Plaintiffs first contend that Defendants breached the covenant of good faith and fair dealing by intentionally engaging in actions to breach the express terms of the RSA. Plaintiffs argue that this intentional action destroyed and injured Mr. Terry's rights to receive the benefits of the RSA. Under Utah law, express breach of contract and breach of the implied covenant of good faith and fair dealing are separate causes of action. The express breach of contract claims arise from a breach of the obligations expressly promised in the contract. In contrast, the "purpose of the good faith doctrine in contract law is to protect the reasonable expectations of the parties by implying terms in the agreement." A.I. Transport, Div. of Ins. Co. of State of Pa. v. Imperial Premium Fin., Inc., 862 F.Supp. 345, 347-48 (D.Utah 1994) (emphasis added). Under the doctrine of breach of the implied covenant of good faith and fair dealing, the court may imply or read terms into the agreement to protect the reasonable expectations of Mr. Terry and Mr. Hinds. Breaching these implied terms gives rise to an action for the breach of the implied covenant of good faith and fair dealing entirely separate and apart from any breach of the express terms of an agreement.

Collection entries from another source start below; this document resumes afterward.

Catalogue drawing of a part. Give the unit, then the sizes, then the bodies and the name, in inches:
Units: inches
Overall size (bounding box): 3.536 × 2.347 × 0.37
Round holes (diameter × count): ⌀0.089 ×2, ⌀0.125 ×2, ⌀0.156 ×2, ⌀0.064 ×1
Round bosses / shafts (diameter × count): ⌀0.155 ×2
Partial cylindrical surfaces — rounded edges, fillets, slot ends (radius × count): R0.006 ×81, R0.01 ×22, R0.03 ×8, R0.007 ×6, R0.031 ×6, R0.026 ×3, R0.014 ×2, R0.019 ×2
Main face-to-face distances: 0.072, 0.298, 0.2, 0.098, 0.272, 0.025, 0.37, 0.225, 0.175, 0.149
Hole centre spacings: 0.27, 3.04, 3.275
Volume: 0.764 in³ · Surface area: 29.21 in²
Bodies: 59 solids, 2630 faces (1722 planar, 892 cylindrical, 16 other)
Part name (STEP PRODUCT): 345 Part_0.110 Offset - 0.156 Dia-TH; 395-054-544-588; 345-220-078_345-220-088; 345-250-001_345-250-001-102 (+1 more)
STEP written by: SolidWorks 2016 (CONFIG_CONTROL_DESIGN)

Here, Defendants conflate these two different causes of action by alleging that Defendants breached the implied covenant of good faith and fair dealing by breaching the express terms of the RSA. If the Defendants
Accordingly, the court dismisses Plaintiffs' cause of action alleging that Defendants breached the covenant of good faith and fair dealing by intentionally breaching the express terms of the RSA. These express breach claims are more appropriately analyzed under a theory of express breach of contract rather than a breach of the implied covenant of good faith and fair dealing.
Plaintiffs also argue that Defendants breached the covenant of good faith and fair dealing by initiating the reexamination of the '461 patent, a continuation of a patent application assigned by Defendants to Plaintiffs under the PALA and RSA.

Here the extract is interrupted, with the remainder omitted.